Procs and lambdas are both objects unto themselves, with a call method that actually invokes the block associated with the proc (or lambda). However, Ruby provides some syntactic sugar to invoke them without the explicit call to call.

mipadi
Yes, proc's and lambdas are both Proc objects, but what do they mean by "are functions rather than methods." And what is the distinction?
He means the sentence in the middle of the 6th paragraph is inaccurate.
Ian Terrell
The difference is really that, almost universally, procs and lambdas are only used for their associated 'call' method. No one stores additional methods or values with them. So, like Kaptajn Kold says, we can use them as we would use first order functions in other languages, even though they are still really objects.
rampion
+4  A: 

I think the distinction is between methods and first order function ie. functions that can be passed around as values.

KaptajnKold
+5  A: 

lambdas in Ruby are objects of class Proc. Proc objects don't belong to any object. They are called without binding them to an object.
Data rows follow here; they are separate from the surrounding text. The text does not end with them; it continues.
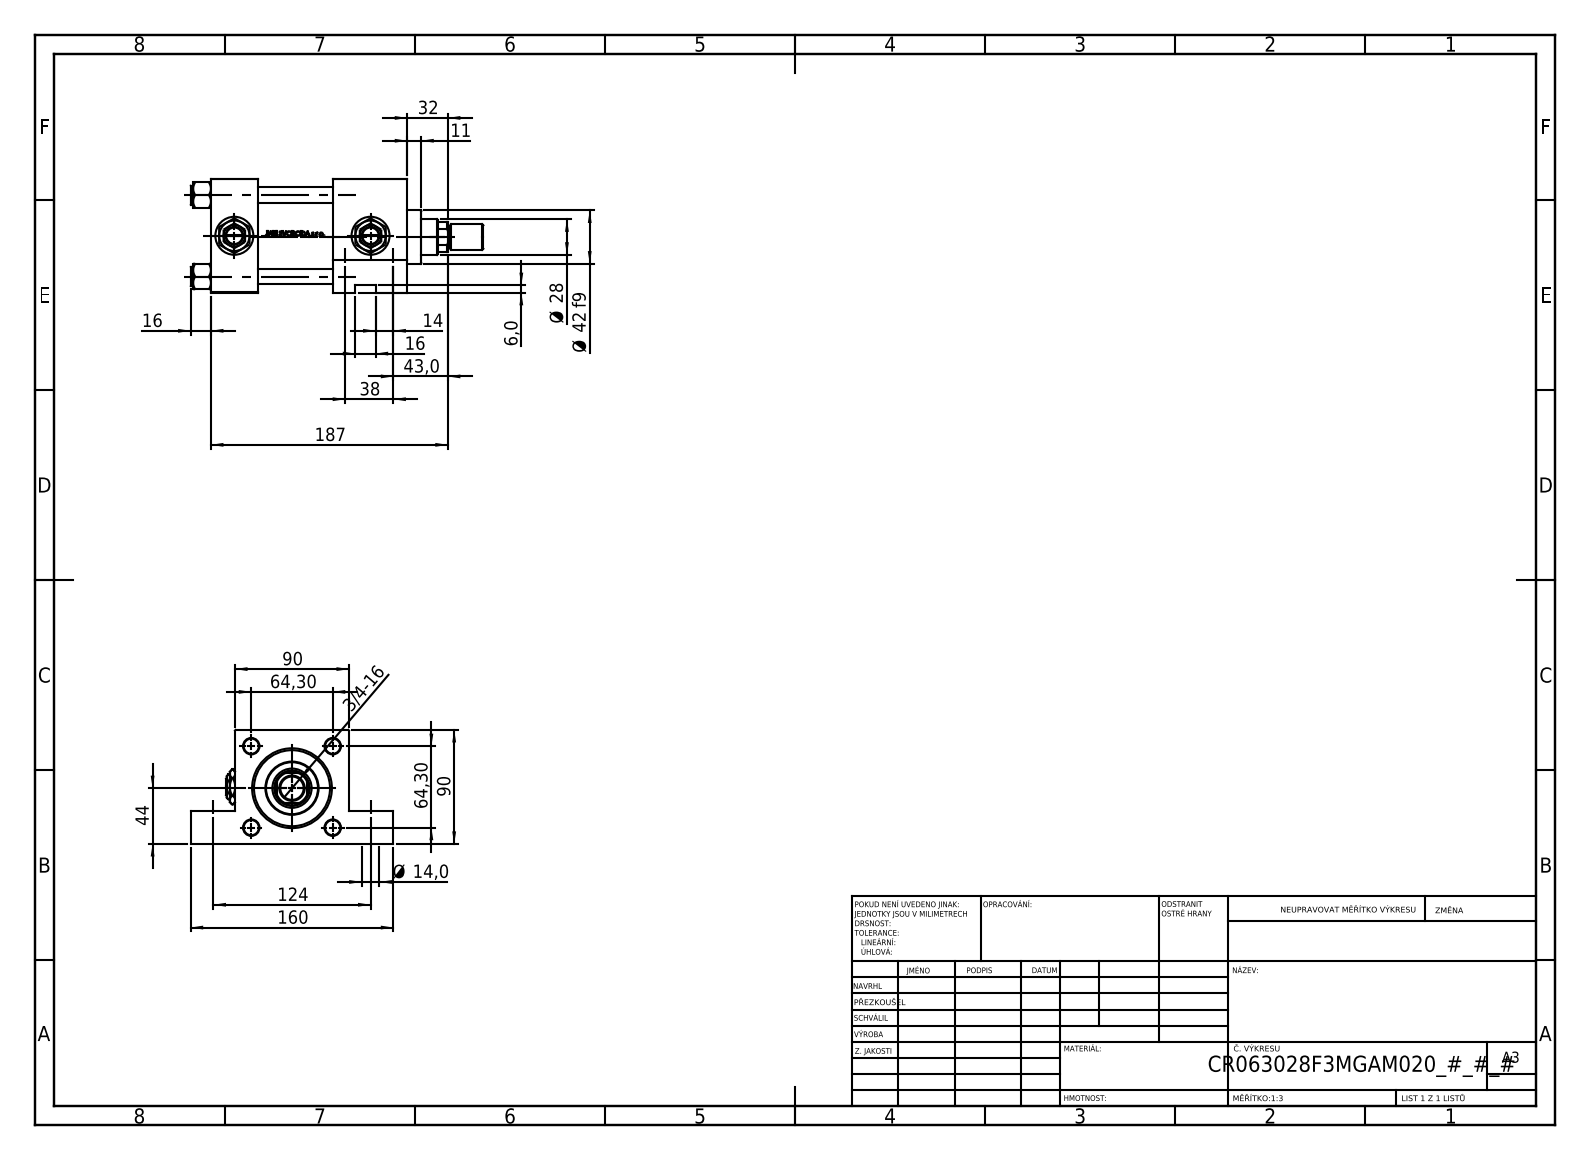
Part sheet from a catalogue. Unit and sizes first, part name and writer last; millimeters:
Units: millimetres
Overall size (bounding box): 231 × 160 × 90
Round holes (diameter × count): ⌀12 ×4, ⌀20.96 ×4, ⌀30 ×4, ⌀7 ×3, ⌀14 ×2, ⌀14 ×2, ⌀18.5 ×1, ⌀28 ×1, ⌀31 ×1, ⌀50 ×1, ⌀60 ×1, ⌀63 ×1
Round bosses / shafts (diameter × count): ⌀15 ×4, ⌀69 ×1, ⌀42 ×1, ⌀20 ×1, ⌀18 ×1
Partial cylindrical surfaces — rounded edges, fillets, slot ends (radius × count): R13.5 ×1
Main face-to-face distances: 90, 59, 37, 155, 118, 96, 20, 64, 26, 125
Hole centre spacings: 64.3, 38, 44.77, 46.18, 62.8, 68.03, 90.93, 107.24
Volume: 1 031 000 mm³ · Surface area: 201 188 mm²
Bodies: 14 solids, 1217 faces (489 planar, 140 cylindrical, 588 other)
Part name (STEP PRODUCT): V215CR_F_TYCINKA; V215_VC_A; NUT_M5_F; ROD_END_AH (+3 more)
STEP written by: SolidWorks 2019 (CONFIG_CONTROL_DESIGN)
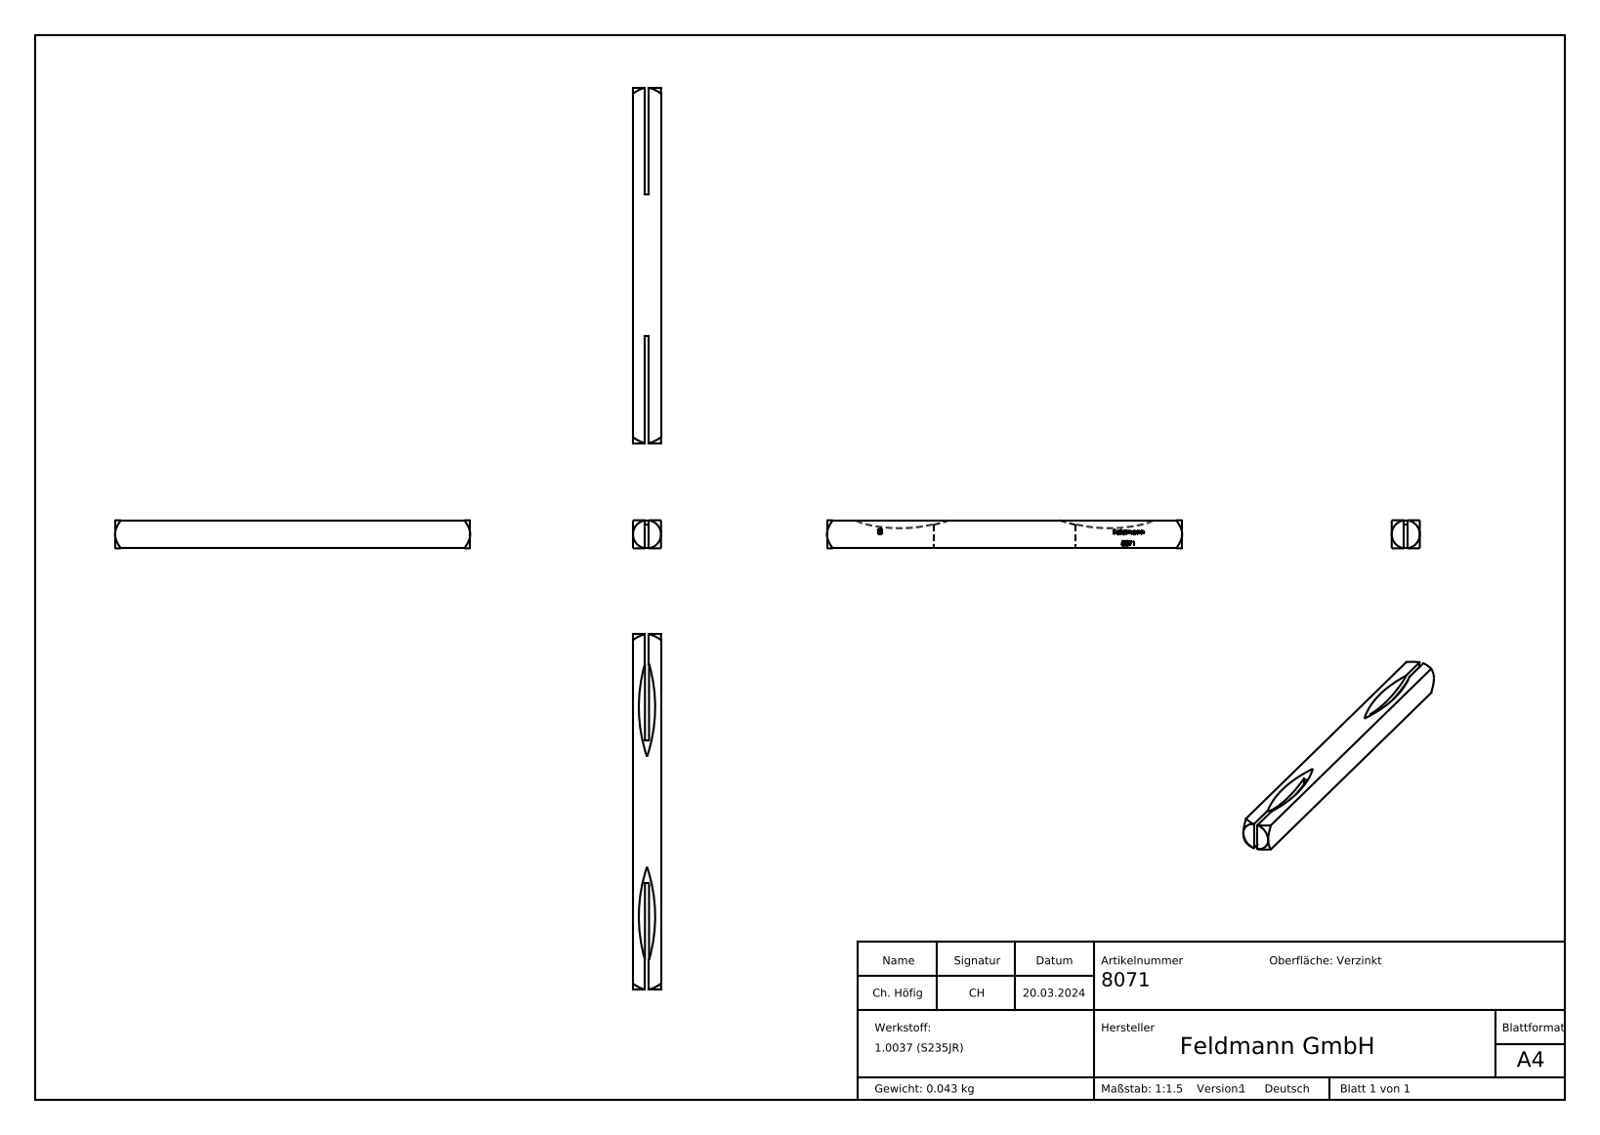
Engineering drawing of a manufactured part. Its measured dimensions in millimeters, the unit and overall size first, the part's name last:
Units: millimetres
Overall size (bounding box): 100 × 7.9 × 7.9
Main face-to-face distances: 7.9, 3.37, 4.53, 3.38, 4.52, 1.15, 100, 30, 70, 40
Volume: 5 522 mm³ · Surface area: 4 023 mm²
Bodies: 1 solid, 225 faces (121 planar, 0 cylindrical, 104 other)
Part name (STEP PRODUCT): 8071
STEP written by: SolidWorks 2018 (CONFIG_CONTROL_DESIGN)
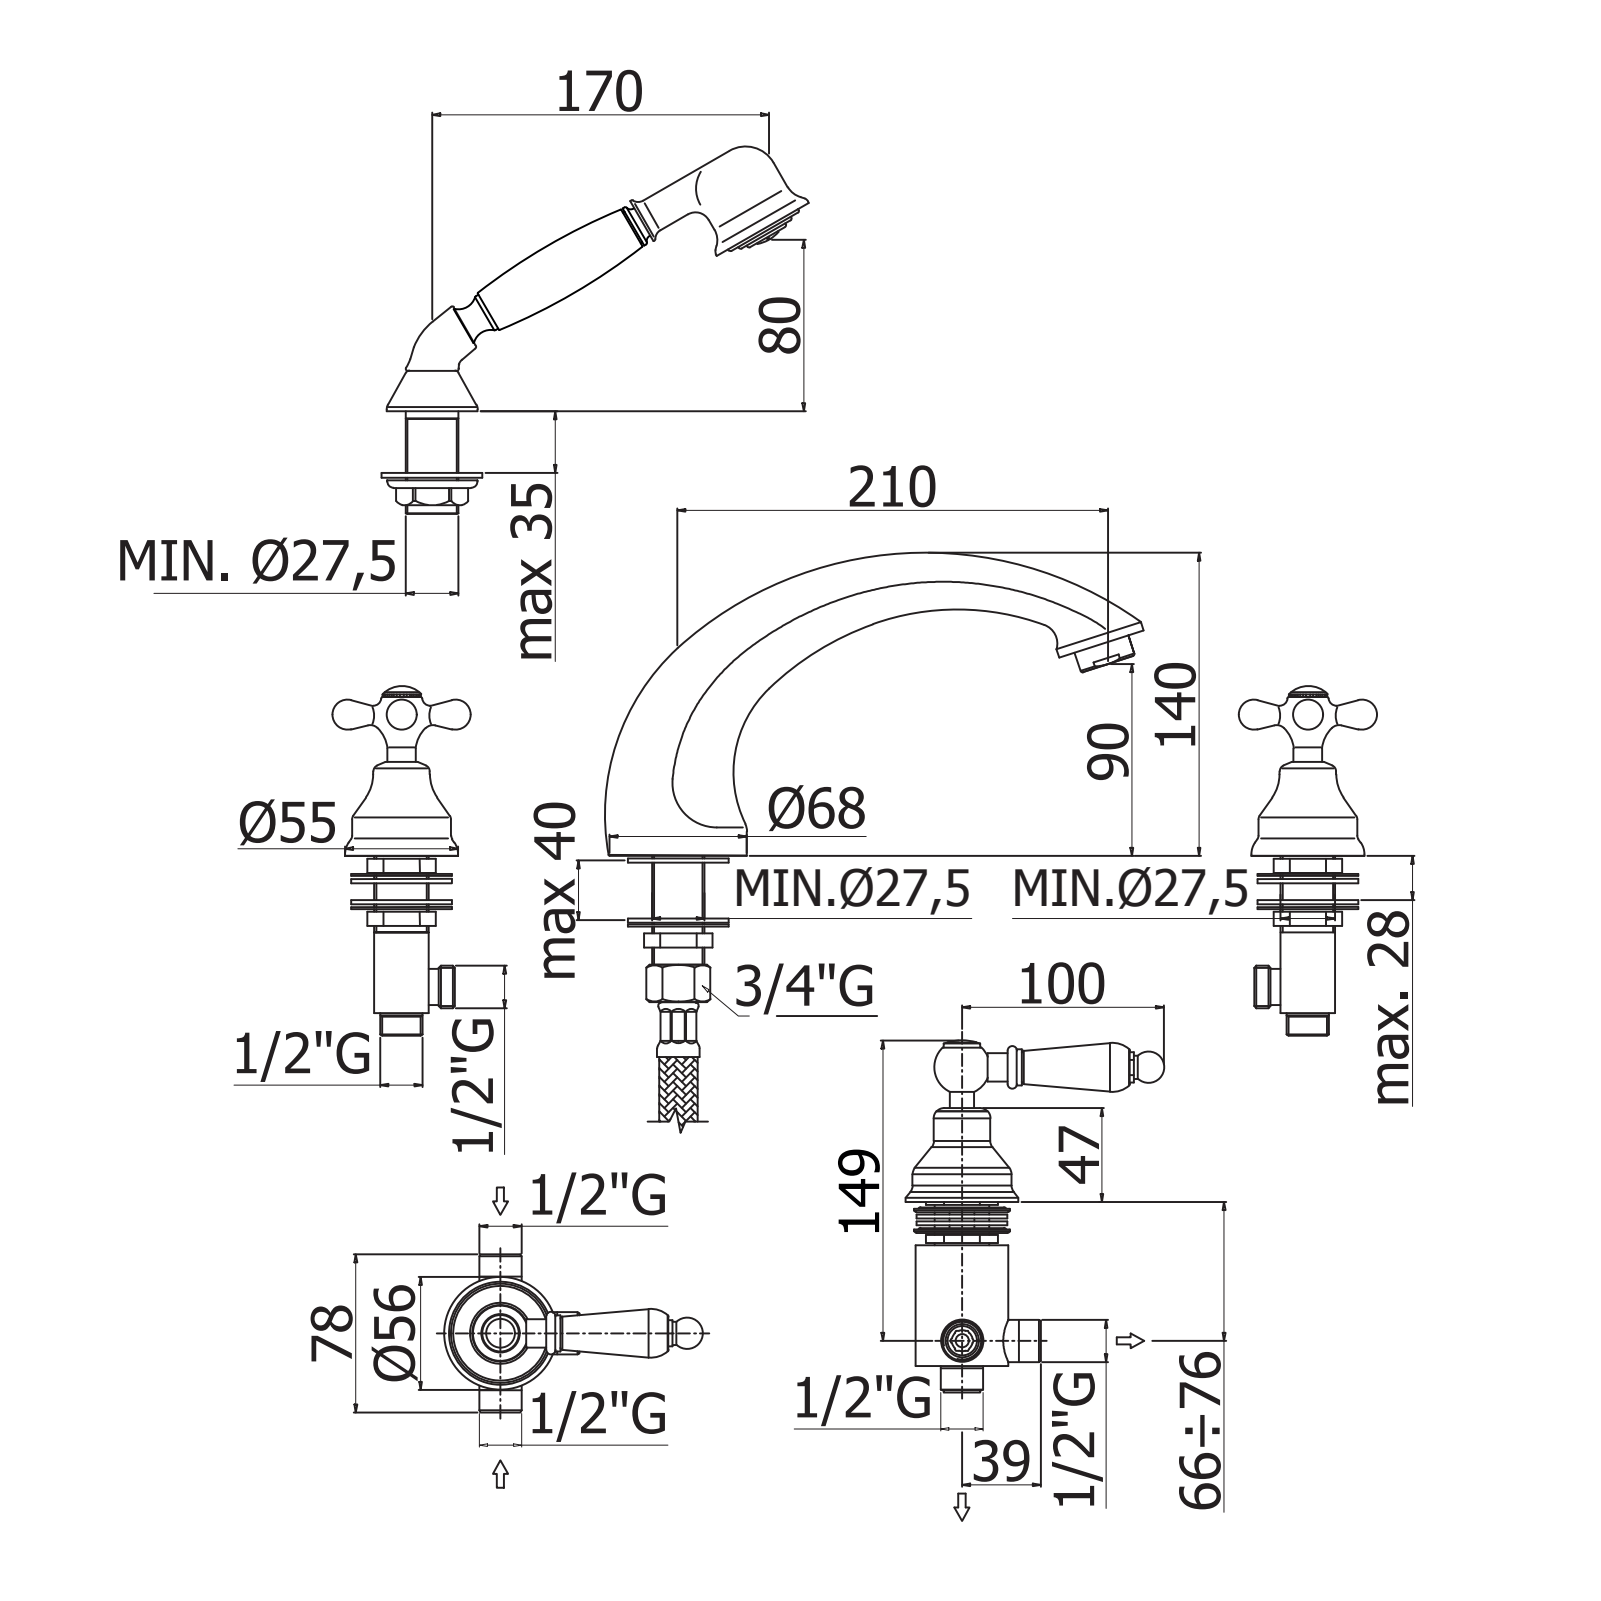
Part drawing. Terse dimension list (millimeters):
name: IRV044CR
written by: CREO PARAMETRIC BY PTC INC, 2020044 (CONFIG_CONTROL_DESIGN)
unit: mm
bodies: 5 solids, 354 faces (42 planar, 64 cylindrical, 248 other)
size: 460.5 × 267.6 × 150.84
volume: 951 011 mm³; area: 132 988 mm²
holes: 1× ⌀14.5
bosses: 4× ⌀28, 3× ⌀55, 3× ⌀49, 3× ⌀18, 2× ⌀14, 2× ⌀13.5, 1× ⌀53, 1× ⌀46
face distances: 6, 10, 46.5, 2, 15.7, 30.8, 4, 1, 103.99, 104.99
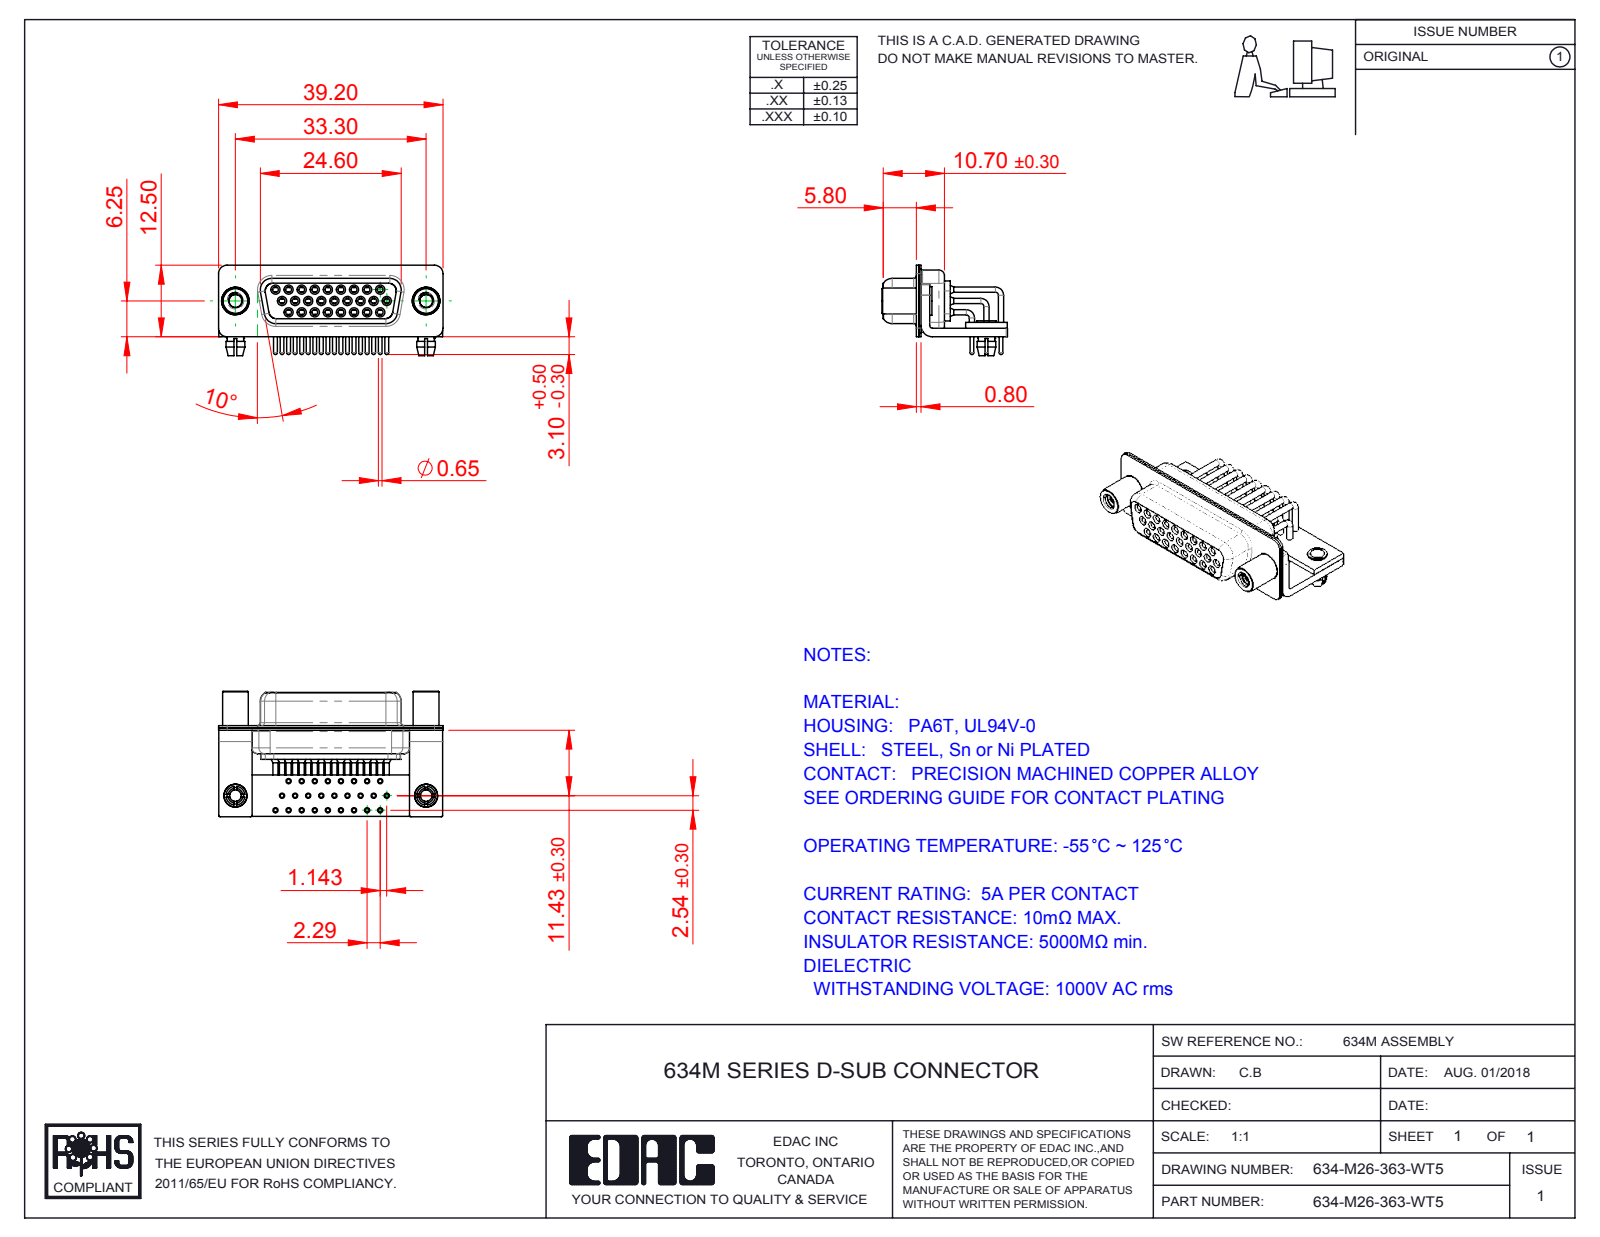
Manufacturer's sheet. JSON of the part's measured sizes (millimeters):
{"part_name": "634M Housing_26 Contacts; 634-M26-363-WT5; 634M Board Lock; 634M Stabilizer Board_26 Contacts (+7 more)", "step_written_by": "SolidWorks 2016 (CONFIG_CONTROL_DESIGN)", "units": "millimeters", "bodies": {"solids": 36, "faces": 1901, "planar": 533, "cylindrical": 883, "other": 485}, "overall_size": [39.2, 21.9, 15.8], "volume_mm3": 3236, "surface_area_mm2": 10333, "round_holes": [[2, 28], [0.9, 26], [1, 26], [1.1, 26], [1.7, 26], [1.8, 26], [2.26, 2], [2.5, 2], [3.2, 2], [4, 2], [4.8, 2]], "round_bosses_or_shafts": [[0.9, 27], [1.6, 26], [1.5, 26], [0.65, 26], [5, 2], [4.9, 2], [4.5, 2], [4, 2]], "partial_cylinders_radius": [[0.25, 16], [1.5, 16], [2, 13], [1.35, 8], [1.6, 8], [0.5, 5], [0.6, 4], [0.65, 4]], "face_to_face_distances": [0.4, 2.3, 1.9, 0.8, 1.5, 1, 9.35, 8.5, 1.45, 8.95], "hole_center_spacings": [4.57, 2.29, 2.28, 3.96, 6.05, 6.86, 4.27, 2.78]}

Methods are objects of either class Method or UnboundMethod, depending on whether they're bound or unbound. See the explanation here. Unbound methods can't be called until they're bound to an object.

lambda{|x| x}.class      # => Proc
lambda{|x| x}.call(123)  # => 123

class Foo
  def bar(baz)
    baz
  end
end

puts Foo.new.method(:bar).class     # => Method
puts Foo.new.method(:bar).call(123) # => 123

puts Foo.instance_method(:bar).class     # => UnboundMethod
puts Foo.instance_method(:bar).call(123) # => throws an exception

You can bind an UnboundMethod to an object and then call it. But you can't bind a Proc to an object at all. Proc objects can however capture local variables in the surrounding scope, becoming closures.